## Parse CD-HIT cluster file

In notebook 05 we ran cd-hit on the VH.fa and VL.fa files which assigned every sequence to a cluster.

Now we want to remove antibodies that are redundant. We consider antibodies to be redundant if they show high sequence similarity of both their heavy and light chains, i.e. if their heavy chains are in the same cluster and their light chains are in the same cluster, respectively.

To do so, we create a DataFrame with columns
- pbs_id
- Hchain
- Lchain
- Hcluster
- Lcluster

where the first 3 columns are parsed from the summary file, and the last 2 columns are populated by parsing the cluster files. 


### Parsing the cluster file    


The cluster file looks like

Lines starting with '>' start a new cluster.

The other lines contain the sequence id of the sequences belonging to that cluster enclosed by '>' on the left and three dots '...' on the right.


How can we extract the pdb_id from those lines?

Given a line, we can use the `find` method to obtain the indices of those enclosing characters and use the string between those indices as pdb_id. An example is given below

In [None]:
line = "0	136aa, >5o0w... *"

# we want to extract 5o0w 
# the first character starts after the >
# the last character ends before the first '...' 

# find the first > on the line
startidx = line.find('>') 
# find the first three points 
endidx = line.find('...')

# be aware of python indexing. Slice a:b includes a but not b
print(line[(startidx+1):endidx])

5o0w


Write a function `parse_pdb_id(line)` that returns the pdb_id.

We also need to make sure that there is a pdb_id found on the line.
The `find` method returns -1 if the substring is not found.

Assume a pdb_id is found when startidx != -1 and endidx != -1 and endidx - startidx > 3.
If no pdb_id is found, `raise ValueError(f"No pbs_id found in {line}")`

In [None]:
def parse_pdb_id(line):
    ...

Test the function on a few examples to see it works as expected. You want to test both successful execution and error.

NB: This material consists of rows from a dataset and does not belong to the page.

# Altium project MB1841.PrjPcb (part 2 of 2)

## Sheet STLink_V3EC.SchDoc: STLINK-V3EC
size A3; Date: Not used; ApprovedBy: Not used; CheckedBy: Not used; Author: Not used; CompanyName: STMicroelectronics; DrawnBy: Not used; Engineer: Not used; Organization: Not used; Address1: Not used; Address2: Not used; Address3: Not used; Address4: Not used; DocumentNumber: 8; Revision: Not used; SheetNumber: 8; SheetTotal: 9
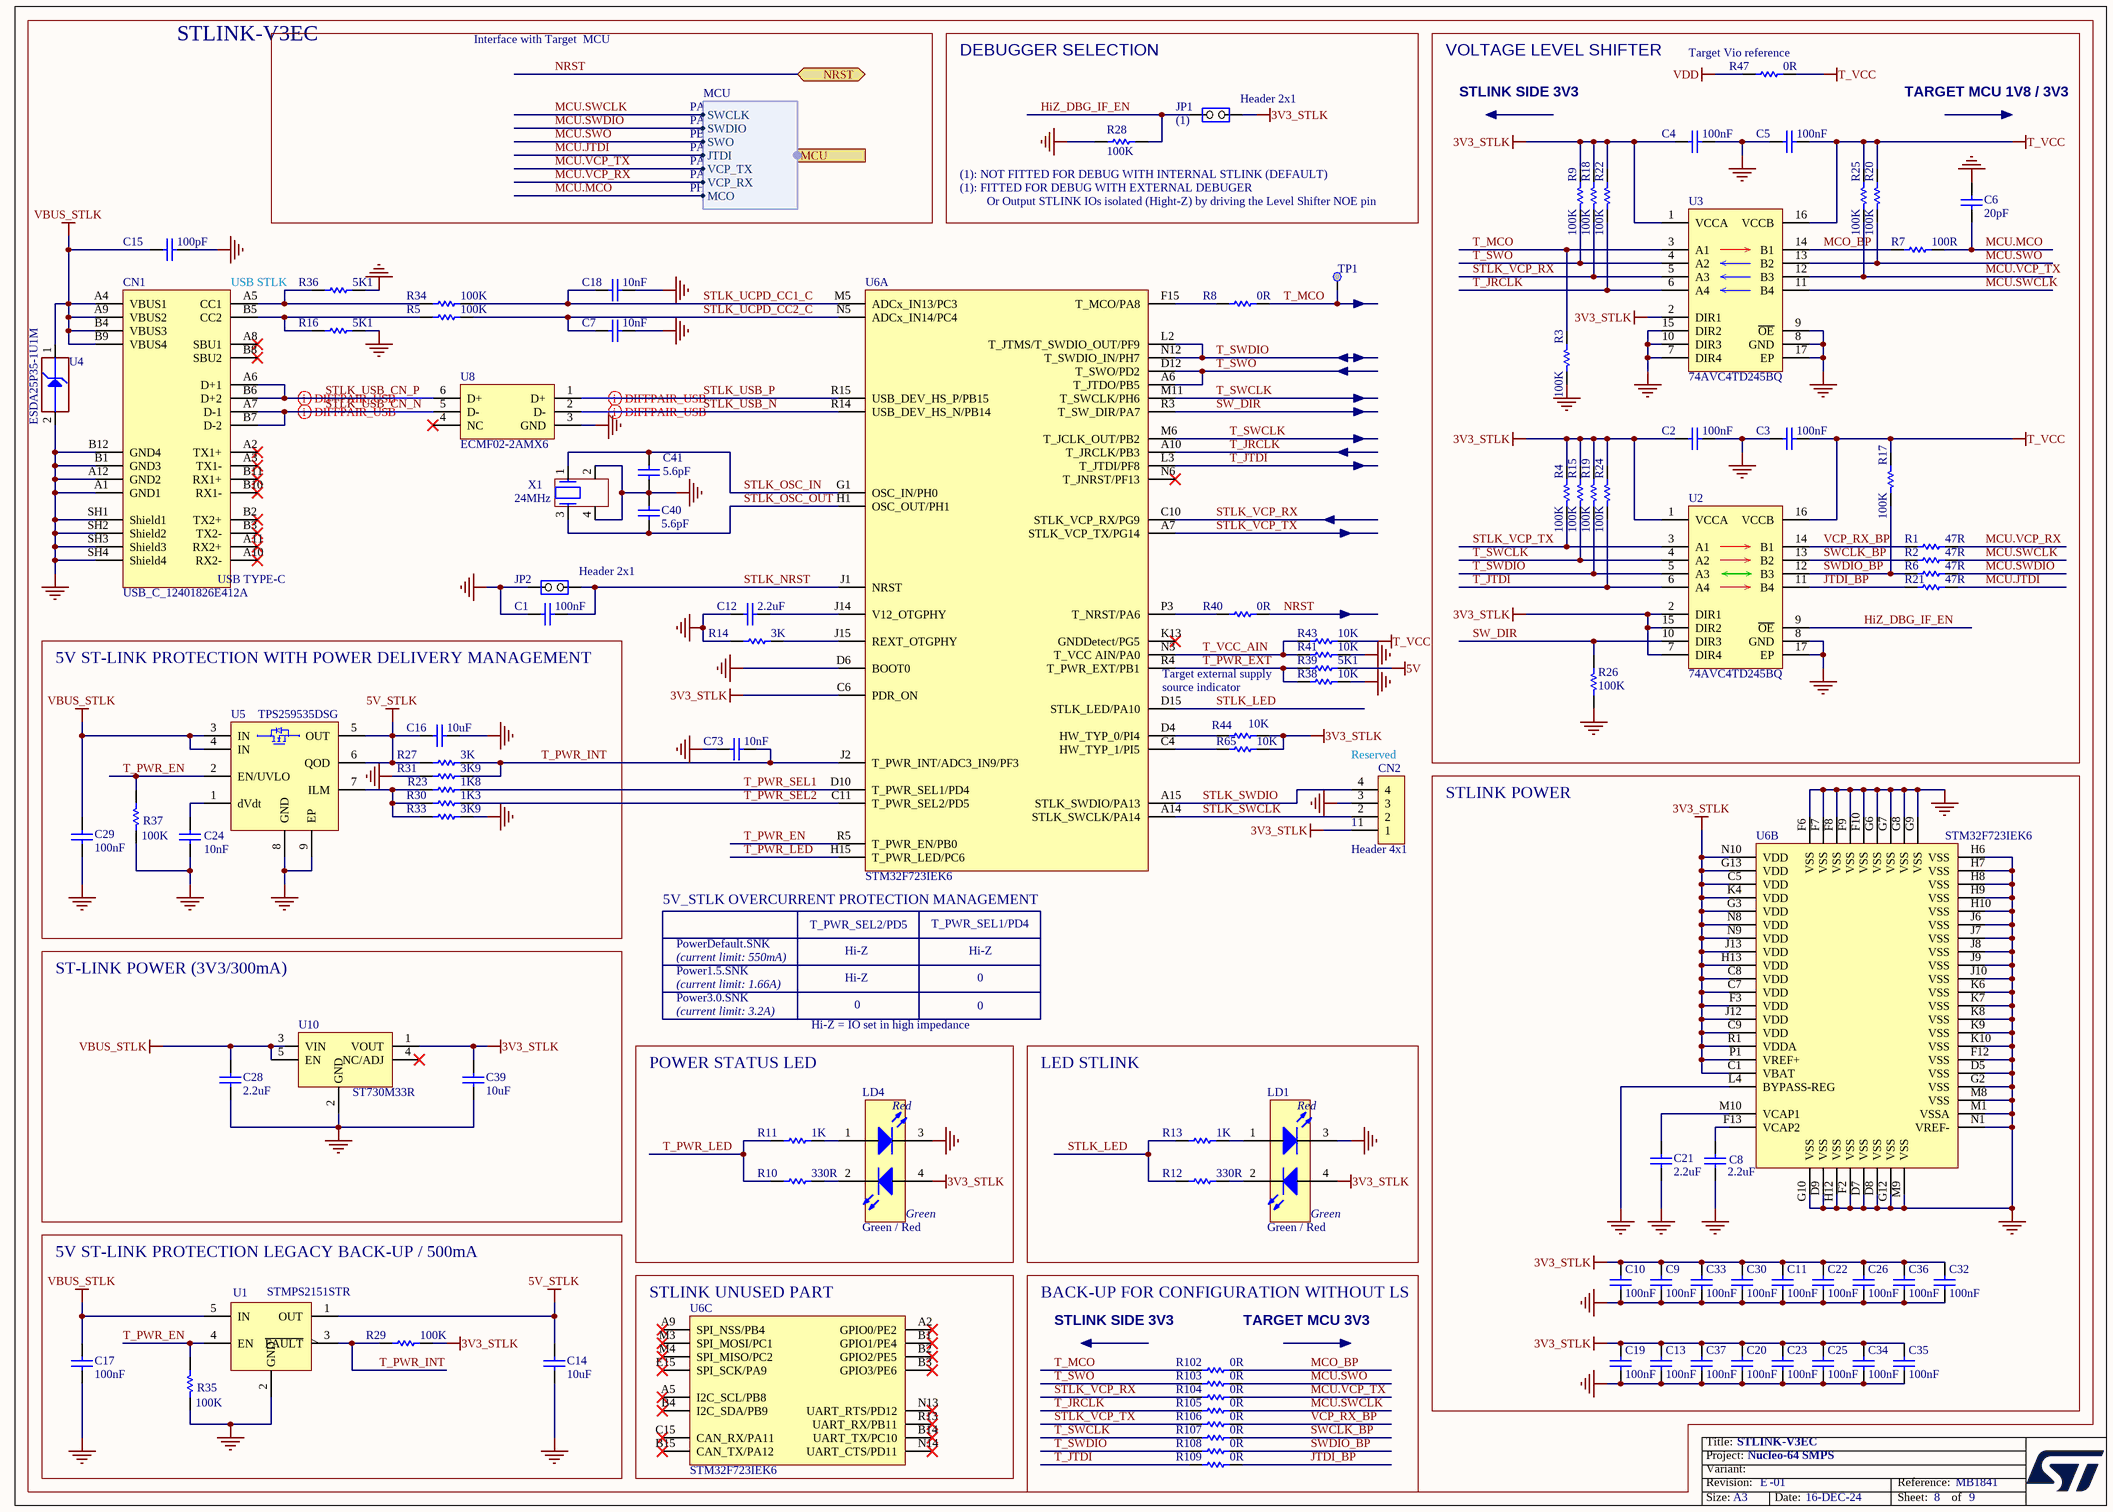
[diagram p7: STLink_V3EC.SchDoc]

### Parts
C1  value 100nF  [C0402]  (hidden comment: Capacitor)
C2  value 100nF  [C0402]  (hidden comment: Capacitor)
C3  value 100nF  [C0402]  (hidden comment: Capacitor)
C4  value 100nF  [C0402]  (hidden comment: Capacitor)
C5  value 100nF  [C0402]  (hidden comment: Capacitor)
C6  value 20pF  [C0402]  (hidden comment: Capacitor)
C7  value 10nF  [C0402]  (hidden comment: Capacitor)
C8  value 2.2uF  [C0402]  (hidden comment: Capacitor)
C9  value 100nF  [C0402]  (hidden comment: Capacitor)
C10  value 100nF  [C0402]  (hidden comment: Capacitor)
C11  value 100nF  [C0402]  (hidden comment: Capacitor)
C12  value 2.2uF  [C0402]  (hidden comment: Capacitor)
C13  value 100nF  [C0402]  (hidden comment: Capacitor)
C14  value 10uF  [C0603]  (hidden comment: Capacitor)
C15  value 100pF  [C0402]  (hidden comment: Capacitor)
C16  value 10uF  [C0603]  (hidden comment: Capacitor)
C17  value 100nF  [C0402]  (hidden comment: Capacitor)
C18  value 10nF  [C0402]  (hidden comment: Capacitor)
C19  value 100nF  [C0402]  (hidden comment: Capacitor)
C20  value 100nF  [C0402]  (hidden comment: Capacitor)
C21  value 2.2uF  [C0402]  (hidden comment: Capacitor)
C22  value 100nF  [C0402]  (hidden comment: Capacitor)
C23  value 100nF  [C0402]  (hidden comment: Capacitor)
C24  value 10nF  [C0402]  (hidden comment: Capacitor)
C25  value 100nF  [C0402]  (hidden comment: Capacitor)
C26  value 100nF  [C0402]  (hidden comment: Capacitor)
C28  value 2.2uF  [C0805]  (hidden comment: Capacitor)
C29  value 100nF  [C0402]  (hidden comment: Capacitor)
C30  value 100nF  [C0402]  (hidden comment: Capacitor)
C32  value 100nF  [C0402]  (hidden comment: Capacitor)
C33  value 100nF  [C0402]  (hidden comment: Capacitor)
C34  value 100nF  [C0402]  (hidden comment: Capacitor)
C35  value 100nF  [C0402]  (hidden comment: Capacitor)
C36  value 100nF  [C0402]  (hidden comment: Capacitor)
C37  value 100nF  [C0402]  (hidden comment: Capacitor)
C39  value 10uF  [C0603]  (hidden comment: Capacitor)
C40  value 5.6pF  [C0402]  (hidden comment: Capacitor)
C41  value 5.6pF  [C0402]  (hidden comment: Capacitor)
C73  value 10nF  [C0402]  (hidden comment: Capacitor)
CN1  value USB_C_12401826E412A  [CON_USB-TYPEC_AMPHENOL_12401826E412A]  (hidden comment: USB_TYPE_C_Receptacle)
CN2  Header 4x1  [CON_SAMTEC_TSW-104-07-G-S]
JP1  value Header 2x1  [CON_SAMTEC_TSW-102-07-G-S]  (hidden comment: Jumper_Header 2x1)
JP2  value Header 2x1  [CON_SAMTEC_TSW-102-07-G-S]  (hidden comment: Jumper_Header 2x1)
LD1  value Green / Red  [LED_BI-GR_WE-150141SV73110]  (hidden comment: LED_BICOLOR)
LD4  value Green / Red  [LED_BI-GR_WE-150141SV73110]  (hidden comment: LED_BICOLOR)
R1  value 47R  [R0402]  (hidden comment: Resistor)
R2  value 47R  [R0402]  (hidden comment: Resistor)
R3  value 100K  [R0402]  (hidden comment: Resistor)
R4  value 100K  [R0402]  (hidden comment: Resistor)
R5  value 100K  [R0402]  (hidden comment: Resistor)
R6  value 47R  [R0402]  (hidden comment: Resistor)
R7  value 100R  [R0402]  (hidden comment: Resistor)
R8  value 0R  [R0402]  (hidden comment: Resistor)
R9  value 100K  [R0402]  (hidden comment: Resistor)
R10  value 330R  [R0402]  (hidden comment: Resistor)
R11  value 1K  [R0402]  (hidden comment: Resistor)
R12  value 330R  [R0402]  (hidden comment: Resistor)
R13  value 1K  [R0402]  (hidden comment: Resistor)
R14  value 3K  [R0402]  (hidden comment: Resistor)
R15  value 100K  [R0402]  (hidden comment: Resistor)
R16  value 5K1  [R0402]  (hidden comment: Resistor)
R17  value 100K  [R0402]  (hidden comment: Resistor)
R18  value 100K  [R0402]  (hidden comment: Resistor)
R19  value 100K  [R0402]  (hidden comment: Resistor)
R20  value 100K  [R0402]  (hidden comment: Resistor)
R21  value 47R  [R0402]  (hidden comment: Resistor)
R22  value 100K  [R0402]  (hidden comment: Resistor)
R23  value 1K8  [R0402]  (hidden comment: Resistor)
R24  value 100K  [R0402]  (hidden comment: Resistor)
R25  value 100K  [R0402]  (hidden comment: Resistor)
R26  value 100K  [R0402]  (hidden comment: Resistor)
R27  value 3K  [R0402]  (hidden comment: Resistor)
R28  value 100K  [R0402]  (hidden comment: Resistor)
R29  value 100K  [R0402]  (hidden comment: Resistor)
R30  value 1K3  [R0402]  (hidden comment: Resistor)
R31  value 3K9  [R0402]  (hidden comment: Resistor)
R33  value 3K9  [R0402]  (hidden comment: Resistor)
R34  value 100K  [R0402]  (hidden comment: Resistor)
R35  value 100K  [R0402]  (hidden comment: Resistor)
R36  value 5K1  [R0402]  (hidden comment: Resistor)
R37  value 100K  [R0402]  (hidden comment: Resistor)
R38  value 10K  [R0402]  (hidden comment: Resistor)
R39  value 5K1  [R0402]  (hidden comment: Resistor)
R40  value 0R  [R0402]  (hidden comment: Resistor)
R41  value 10K  [R0402]  (hidden comment: Resistor)
R43  value 10K  [R0402]  (hidden comment: Resistor)
R44  value 10K  [R0402]  (hidden comment: Resistor)
R47  value 0R  [R0402]  (hidden comment: Resistor)
R65  value 10K  [R0402]  (hidden comment: Resistor)
R102  value 0R  [R0402]  (hidden comment: Resistor)
R103  value 0R  [R0402]  (hidden comment: Resistor)
R104  value 0R  [R0402]  (hidden comment: Resistor)
R105  value 0R  [R0402]  (hidden comment: Resistor)
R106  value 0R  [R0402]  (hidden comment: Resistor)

Now we can parse the cluster file.

Write a function `parse_cluster_file(cluster_file)` that

- declares empty dictionary pdb2cluster
- sets current_cluster to ''
- opens cluster_file (use a `with` block)
- loops over all lines
  - if line starts with a '>'
    - reassign current_cluster
  - else
    - parse pdb_id
    - set pdb2cluster[pdb_id] = current_cluster
- return pdb2cluster

In [None]:
def parse_cluster_file(cluster_file):
    ...
    

### Annotating summary file with cluster numbers

- parse VH cluster file into pdb2vhcluster
- parse VL cluster file into pdb2vlcluster

- load the summary DataFrame (summary_pdb.tsv)
- create two additional columns Hcluster and Vcluster and populate them with the clusters
 
  Here you loop over pdb_ids (you can use a list comprehension) and find the cluster from the corresponding dictionary.
  As some pdb_ids could not be processed, not all pdb_ids will be in the dictionary.
  Use `pdb2vhcluster.get(pdb_id, '')` to look up the key, and return '' if it does not exist.
  

- sort the DataFrame (see below)
- create a column duplicated that indicates if Hcluster and Vcluster entries of a row are duplicated (pandas has a `.duplicated(subset=[...])` method. Use it on subset of Hcluster and Vcluster columns.)

- save the DataFrame as `../generated/preprocess/summary_pdb_clusters.tsv`

- drop duplicated lines (select lines where duplicated is False)

- save the DataFrame without duplicates as `../generated/preprocess/summary_pdb_clusters_dedup.tsv`


There is on caveat here. If we have duplicated anitbodies, we want to keep those instances that are the best. By best here we mean they have affinity data and good resolution. We can achieve this when we understand how the duplicated method works. If we use `df.duplicated(subset=[..], keep = 'first')`, the function marks all duplicates as `True` except for the first one. 

So all we need to do is sort the DataFrame such that columns with affinity value appear first and columns with good resolution as well. And then apply the `duplicated` method on the sorted DataFrame. Check the documentation of `sort_values`, and pay attention to `na_position` and `ascending` options.